I watched as Duncan’s eyes slowly closed. He’d suffered a fairly common form of head injury. The middle meningeal artery runs just above the temple on either side of the head; the skull is thin at this
point, making the artery vulnerable to injury. An epidural haematoma, or build-up of blood between the skull and the brain, can compress the delicate brain tissue and, if not treated, lead to brain damage, even death.

‘Will he be OK?’ I asked.

‘We think so. The blood had time to clot so he needed a craniotomy, but it was all fairly straightforward. They’ll keep him sedated for another twelve hours or so.’

The younger doctor had picked up the syringe and was hovering.

‘Don’t even think about it,’ I spat at him.

He and Kenn exchanged a look. Then he left the room. The nurse and the orderly followed and the door closed behind them.

Kenn sat down on the bed.

‘Dana and the others? They’re here?’

He nodded. ‘Dana discharged herself a couple of hours ago. Alison and Collette are still here. Both doing fine.’

For a second I wasn’t with him. Then I had it. Freya and Odel: of course, those hadn’t been their real names.

‘Alison and Collette,’ I repeated. ‘Tell me about them.’

‘You need to rest.’

‘No, tell me who they are,’ I said, trying to push myself up and not managing it. Duncan’s eyes were still closed but the steady rise and fall of his chest was reassuring.

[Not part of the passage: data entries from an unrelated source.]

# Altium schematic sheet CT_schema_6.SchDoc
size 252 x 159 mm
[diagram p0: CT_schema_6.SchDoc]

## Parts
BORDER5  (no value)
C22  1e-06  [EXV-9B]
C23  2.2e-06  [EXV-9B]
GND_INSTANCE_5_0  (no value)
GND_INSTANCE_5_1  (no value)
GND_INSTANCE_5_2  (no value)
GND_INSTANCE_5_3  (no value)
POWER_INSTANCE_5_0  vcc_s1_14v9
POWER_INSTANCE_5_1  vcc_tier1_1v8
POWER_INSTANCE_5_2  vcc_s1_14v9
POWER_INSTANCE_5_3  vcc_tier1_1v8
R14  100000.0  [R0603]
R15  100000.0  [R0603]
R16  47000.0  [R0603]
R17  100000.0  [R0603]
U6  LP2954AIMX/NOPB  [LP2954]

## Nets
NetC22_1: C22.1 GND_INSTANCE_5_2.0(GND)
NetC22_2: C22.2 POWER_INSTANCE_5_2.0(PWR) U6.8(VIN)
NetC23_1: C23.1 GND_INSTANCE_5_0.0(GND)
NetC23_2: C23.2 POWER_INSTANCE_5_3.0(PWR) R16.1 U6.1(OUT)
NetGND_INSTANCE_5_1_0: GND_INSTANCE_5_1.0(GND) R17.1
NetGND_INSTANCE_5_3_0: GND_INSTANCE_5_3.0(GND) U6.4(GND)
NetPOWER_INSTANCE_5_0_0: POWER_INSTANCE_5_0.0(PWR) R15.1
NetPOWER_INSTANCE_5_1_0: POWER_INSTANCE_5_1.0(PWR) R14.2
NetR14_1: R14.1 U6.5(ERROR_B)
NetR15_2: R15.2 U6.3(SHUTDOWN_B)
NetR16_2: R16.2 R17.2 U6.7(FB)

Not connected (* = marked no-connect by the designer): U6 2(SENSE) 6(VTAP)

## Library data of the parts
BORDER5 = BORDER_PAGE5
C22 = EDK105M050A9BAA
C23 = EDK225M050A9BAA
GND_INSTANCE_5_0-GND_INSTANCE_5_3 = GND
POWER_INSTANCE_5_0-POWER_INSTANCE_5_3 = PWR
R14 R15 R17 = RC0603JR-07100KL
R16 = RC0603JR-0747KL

Kenn got up and propped up the bed.

‘Collette McNeil is thirty-three,’ he said, sitting down again. ‘She’s married with two young children and lives just outside Sumburgh. Every morning she takes the kids to school and then walks the family dog along the cliff top, over on the west coast. A month ago she was doing exactly that when she was approached by some men. Next thing she can remember is waking up on Tronal. The dog found its way home and raised the alarm. Everyone assumed she fell over the cliff.’